In 2012 there were no teams with a payroll under 40 million.

From 2000 to 2011 their were a total of 35 teams who entered the season with payrolls under 40 mil. Of these 35 teams 9 had winning seasons. The 3 teams who featured payrolls under 40 mil the most were Tampa (6 times), Florida (6), and Pittsburgh (5).

Payrolls under 40 mil were more common early in the 2000's. Florida was the last team to have a payroll lower than what Houston's projects to be, and that was 21.8 mil in 2008. Florida also has bragging rights to the lowest payroll during this time span, 14.9 mil in 2006, with Tampa a close second in 2003 at 19.6 mil. Oakland in 2001 and Florida in 2000 had payrolls under 23 million. Houston will be the 6th team since 2000 to feature a payroll under 23 million.

The best records I found from these teams were much better than I anticipated. I expected the teams who had winning seasons to hover around the .500 mark, which about half did, but there were 5 90+ win seasons of the bunch.

2010 San Diego 91-71
2002 Oakland 103-59
2001 Oakland 102-60
2000 Oakland 91-70
2000 Chicago White Sox 95-67

Still, of these 90+ win teams only Oakland had a payroll under 30 mil, at 22.8 mil, very close to where Houstons' payroll will probably end up. The other 4 teams' payroll was closer to the 40 million dollar mark.

The average record of these 35 teams sits around 74-87.

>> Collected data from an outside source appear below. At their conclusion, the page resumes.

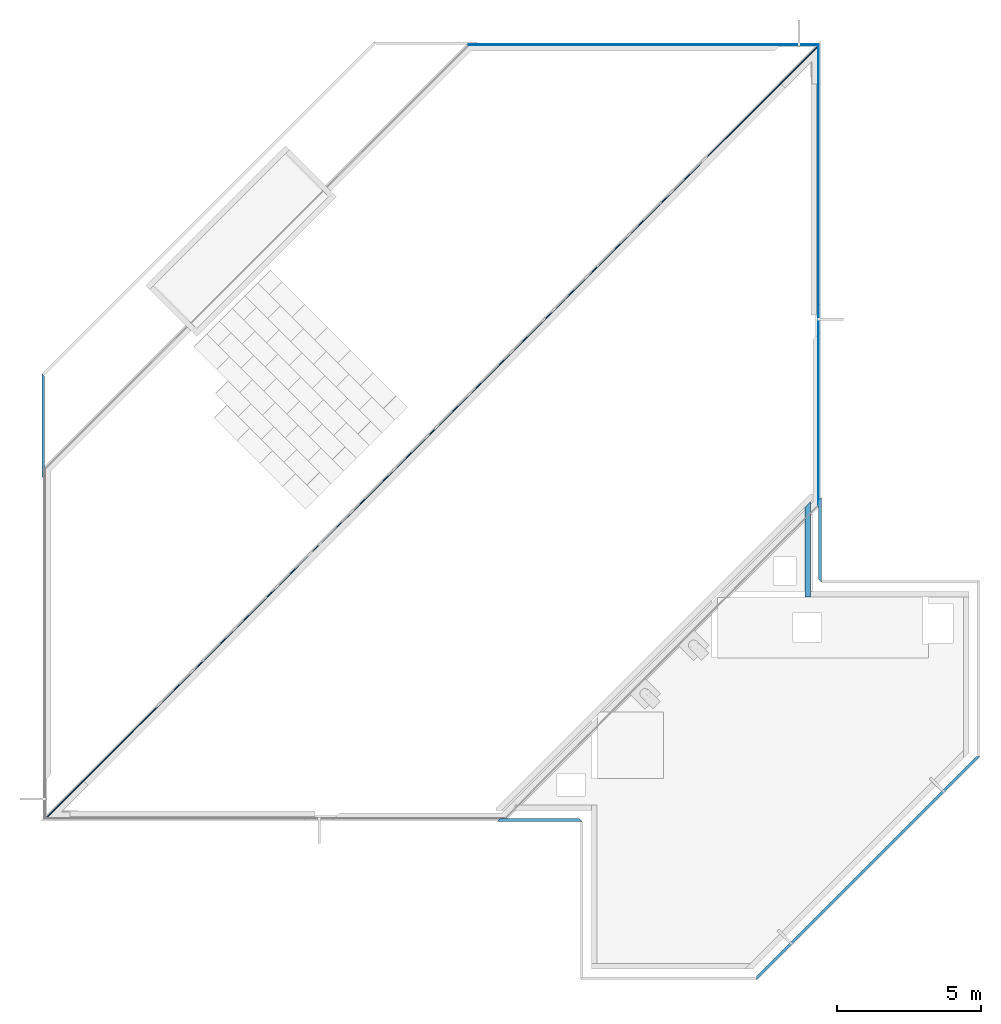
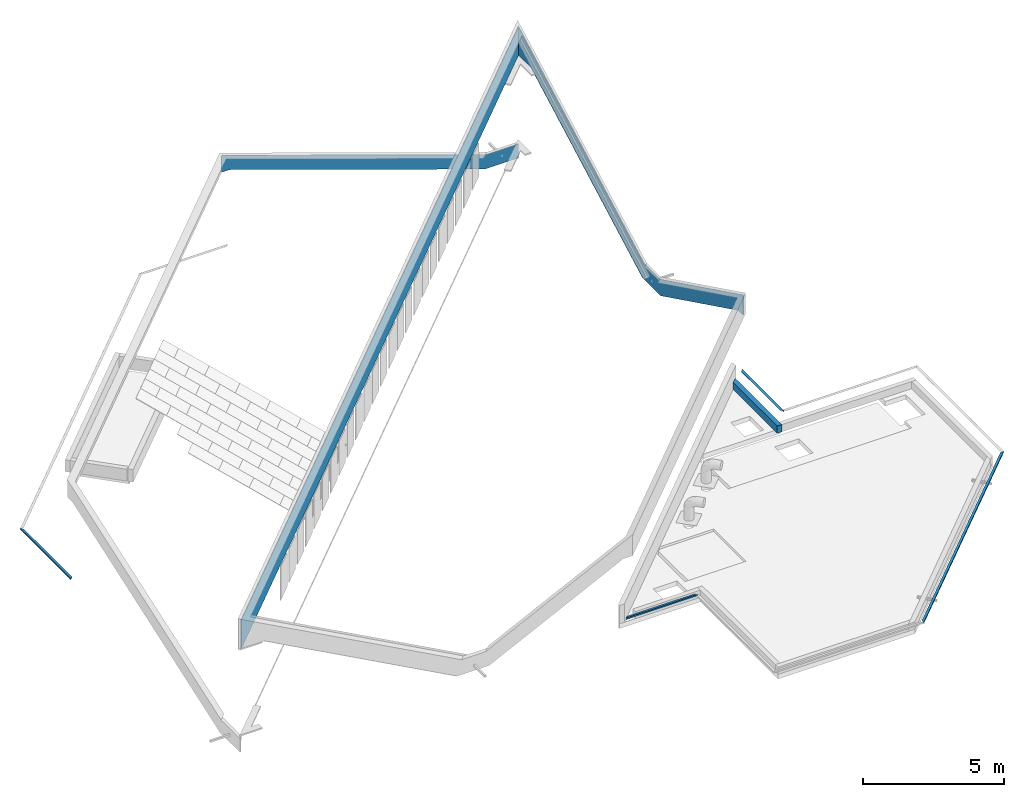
# One storey, part 5 of 8: 4 discrete accessories, 3 plates, 1 wall.
"""IFC4X3_ADD2 building model written with IfcOpenShell, lengths in millimetres."""

from ifc_helpers import new_model, si_unit, direction, frame, origin_with_axes, place, context, subcontext, project, spatial, polygons, source, transform, mapped, material, element, save


model = new_model("IFC4X3_ADD2")

# Units and contexts
model_context = context("Model", 3, precision=1e-05, world=origin_with_axes(), true_north=direction((0.0, 1.0)))
body_context = subcontext(model_context, "Body", "Model", "MODEL_VIEW")
ifc_project = project(units=[si_unit("LENGTHUNIT", "METRE", prefix="MILLI"), si_unit("AREAUNIT", "SQUARE_METRE"), si_unit("VOLUMEUNIT", "CUBIC_METRE"), si_unit("PLANEANGLEUNIT", "RADIAN"), si_unit("TIMEUNIT", "SECOND"), si_unit("MASSUNIT", "GRAM")], contexts=[model_context])

# Site, building, storey
site_placement = place(None, origin_with_axes())
site = spatial("IfcSite", under=ifc_project, at=site_placement, Name="Site", CompositionType="ELEMENT")
building_placement = place(site_placement, origin_with_axes())
building = spatial("IfcBuilding", under=site, at=building_placement, Name="IFC Building Story")
storey_placement = place(building_placement, frame((0.0, 0.0, 17050.0), z_axis=(0.0, 0.0, 1.0), x_axis=(1.0, 0.0, 0.0)))
storey = spatial("IfcBuildingStorey", under=building, at=storey_placement, Name="050", Elevation=17050.0)

# Plates
shared_shape_1 = source(origin_with_axes(), body_context, "Body", "Tessellation", [
    polygons([(10100.410772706, -14.000000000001, -2.16573425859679e-12), (10100.410772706, -12.0000000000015, 2.16573425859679e-12), (15587.0125281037, -12.0000000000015, 2695.0), (15587.0125281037, -14.0000000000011, 2695.0), (8782.81279845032, -14.0, -2.16573425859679e-12), (8782.81279845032, -12.0000000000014, -4.33146851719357e-12), (3825.34570056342, -14.0, 2695.0), (2280.1611505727, -14.0, 3535.0), (900.53208808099, -14.0, 4285.0), (900.53208808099, -12.0, 4285.0), (2280.1611505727, -12.0, 3535.0), (3825.34570056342, -12.0, 2695.0), (8950.89279170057, -14.0, 661.999999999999), (8950.89279170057, -12.0000000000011, 661.999999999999), (5208.60955123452, -12.0, 2695.0), (3662.36364764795, -12.0, 3535.0), (2281.78694801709, -12.0, 4285.0), (26.0000000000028, -11.9999999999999, 5510.45905016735), (28.0000000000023, -13.9999999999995, 5509.37254769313), (2281.7869480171, -14.0, 4285.0), (3662.36364764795, -14.0, 3535.0), (5208.60955123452, -14.0, 2695.0), (10011.2699455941, -14.0000000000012, 661.999999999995), (10011.2699455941, -12.0000000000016, 661.999999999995), (14150.1424375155, -14.0000000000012, 2695.0), (15860.2520751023, -14.0, 3535.0), (15928.943250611, -14.0, 3568.74087026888), (15926.943250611, -12.000000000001, 3567.75847711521), (15860.2520751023, -12.0000000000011, 3535.0), (14150.1424375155, -12.0000000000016, 2695.0), (26.0000000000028, -11.9999999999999, 4285.0), (15926.943250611, -12.000000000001, 3535.0), (15926.943250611, -12.000000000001, 2695.0), (15928.943250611, -14.0, 2695.0), (15928.943250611, -14.0, 3535.0), (27.9999999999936, -13.9999999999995, 4285.0)], [[[1, 2, 3, 4]], [[1, 5, 6, 2]], [[8, 9, 10]], [[8, 10, 11]], [[11, 12, 7]], [[11, 7, 8]], [[12, 6, 5]], [[12, 5, 7]], [[17, 18, 19]], [[17, 19, 20]], [[20, 21, 16]], [[20, 16, 17]], [[21, 22, 15]], [[21, 15, 16]], [[22, 13, 14]], [[22, 14, 15]], [[23, 24, 14, 13]], [[26, 27, 28]], [[26, 28, 29]], [[29, 30, 25]], [[29, 25, 26]], [[30, 24, 23]], [[30, 23, 25]], [[10, 31, 18]], [[18, 17, 10]], [[17, 11, 10]], [[17, 16, 12]], [[17, 12, 11]], [[29, 28, 32]], [[3, 30, 29]], [[29, 32, 33]], [[29, 33, 3]], [[3, 2, 24]], [[3, 24, 30]], [[2, 6, 14]], [[2, 14, 24]], [[6, 12, 15]], [[6, 15, 14]], [[12, 16, 15]], [[4, 34, 35]], [[9, 8, 20]], [[9, 20, 19]], [[19, 36, 9]], [[8, 7, 21]], [[8, 21, 20]], [[7, 22, 21]], [[7, 5, 13]], [[7, 13, 22]], [[5, 1, 23]], [[5, 23, 13]], [[1, 4, 25]], [[1, 25, 23]], [[4, 35, 26]], [[4, 26, 25]], [[35, 27, 26]], [[33, 34, 4, 3]], [[9, 36, 31, 10]], [[32, 28, 27]], [[32, 27, 35]], [[35, 34, 33]], [[35, 33, 32]], [[31, 36, 19, 18]]]),
    polygons([(10100.410772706, 11.9999999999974, -2.16573425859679e-12), (10100.410772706, 13.9999999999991, 2.16573425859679e-12), (15587.0125281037, 13.999999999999, 2695.0), (15587.0125281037, 11.9999999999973, 2695.0), (8782.81279845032, 13.9999999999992, -2.16573425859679e-12), (8782.81279845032, 11.9999999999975, -4.33146851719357e-12), (3825.34570056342, 11.9999999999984, 2695.0), (2280.1611505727, 11.9999999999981, 3535.0), (900.53208808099, 11.9999999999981, 4285.0), (900.53208808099, 13.9999999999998, 4285.0), (2280.1611505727, 13.9999999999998, 3535.0), (3825.34570056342, 14.0, 2695.0), (8950.89279170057, 11.9999999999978, 662.000000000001), (8950.89279170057, 13.9999999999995, 661.999999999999), (5208.60955123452, 14.0, 2695.0), (3662.36364764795, 13.9999999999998, 3535.0), (2281.78694801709, 13.9999999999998, 4285.0), (-36.7695526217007, 14.0, 5544.55868728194), (-34.7695526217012, 11.9999999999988, 5543.47218480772), (2281.78694801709, 11.9999999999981, 4285.0), (3662.36364764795, 11.9999999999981, 3535.0), (5208.60955123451, 11.9999999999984, 2695.0), (10011.2699455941, 11.9999999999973, 661.999999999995), (10011.2699455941, 13.999999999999, 661.999999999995), (14150.1424375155, 13.999999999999, 2695.0), (14150.1424375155, 11.9999999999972, 2695.0), (15860.2520751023, 11.9999999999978, 3535.0), (15902.943250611, 11.9999999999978, 3555.9697592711), (15900.943250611, 13.9999999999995, 3554.98736611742), (15860.2520751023, 13.9999999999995, 3535.0), (-36.7695526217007, 14.0, 4285.0), (15900.943250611, 13.9999999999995, 3535.0), (15937.7128032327, 13.9999999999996, 3535.0), (15937.7128032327, 13.9999999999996, 2695.0), (15939.7128032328, 11.9999999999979, 2695.0), (15939.7128032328, 11.9999999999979, 3535.0), (15902.943250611, 11.9999999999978, 3535.0), (-34.7695526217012, 11.9999999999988, 4285.0)], [[[1, 2, 3, 4]], [[5, 2, 1, 6]], [[8, 9, 10]], [[8, 10, 11]], [[11, 12, 7]], [[11, 7, 8]], [[12, 5, 6]], [[12, 6, 7]], [[17, 18, 19]], [[17, 19, 20]], [[20, 21, 16]], [[20, 16, 17]], [[21, 22, 15]], [[21, 15, 16]], [[22, 13, 14]], [[22, 14, 15]], [[23, 24, 14, 13]], [[25, 24, 23]], [[25, 23, 26]], [[27, 28, 29]], [[27, 29, 30]], [[30, 25, 26]], [[30, 26, 27]], [[10, 31, 18]], [[18, 17, 10]], [[17, 11, 10]], [[17, 16, 12]], [[17, 12, 11]], [[32, 33, 34]], [[34, 30, 32]], [[30, 29, 32]], [[3, 25, 30]], [[30, 34, 3]], [[3, 2, 24]], [[3, 24, 25]], [[2, 5, 14]], [[2, 14, 24]], [[5, 12, 15]], [[5, 15, 14]], [[12, 16, 15]], [[4, 35, 36]], [[9, 8, 20]], [[9, 20, 19]], [[19, 38, 9]], [[8, 7, 21]], [[8, 21, 20]], [[7, 22, 21]], [[7, 6, 13]], [[7, 13, 22]], [[6, 1, 23]], [[6, 23, 13]], [[1, 26, 23]], [[1, 37, 26]], [[37, 27, 26]], [[37, 28, 27]], [[1, 4, 36]], [[1, 36, 37]], [[36, 33, 32, 37]], [[34, 35, 4, 3]], [[32, 29, 28, 37]], [[31, 10, 9, 38]], [[33, 36, 35, 34]], [[31, 38, 19, 18]]]),
    polygons([(15587.0125281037, 11.9999999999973, 2695.0), (10100.410772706, 11.9999999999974, 2.16573425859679e-12), (8782.81279845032, 11.9999999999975, -4.33146851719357e-12), (3825.34570056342, 11.9999999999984, 2695.0), (2280.1611505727, 11.9999999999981, 3535.0), (900.53208808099, 11.9999999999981, 4285.0), (-0.828427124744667, 11.9999999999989, 4285.0), (-0.828427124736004, 11.9999999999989, 5525.03362639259), (2281.78694801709, 11.9999999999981, 4285.0), (3662.36364764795, 11.9999999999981, 3535.0), (5208.60955123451, 11.9999999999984, 2695.0), (8950.89279170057, 11.9999999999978, 662.000000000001), (10011.2699455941, 11.9999999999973, 661.999999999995), (14150.1424375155, 11.9999999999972, 2695.0), (15860.2520751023, 11.9999999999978, 3535.0), (15902.943250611, 11.9999999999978, 3555.9697592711), (15902.943250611, 11.9999999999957, 3535.0), (15905.7716777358, 11.9999999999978, 3535.0), (15905.7716777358, 11.9999999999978, 2695.0), (15587.0125281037, -12.0000000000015, 2695.0), (10100.410772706, -12.0000000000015, -2.16573425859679e-12), (8782.81279845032, -12.0000000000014, -4.33146851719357e-12), (3825.34570056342, -12.0, 2695.0), (2280.1611505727, -12.0, 3535.0), (900.53208808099, -12.0, 4285.0), (23.1715728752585, -12.0, 5511.99559670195), (2281.78694801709, -12.0, 4285.0), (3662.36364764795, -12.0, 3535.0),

I took it a little further and isolated the teams with payrolls under 25 mil. This left 8 teams with a average record of 79-82. Of these 8 teams only 3 have had winning seasons, with Oakland (2001) being the only team to win 90+ games.

So based strictly on payroll, is it possible for Houston to compete with a 23 million dollar payroll? Yes. Is it likely? No. Winning with a payroll under 40 mil is more the exception than the rule.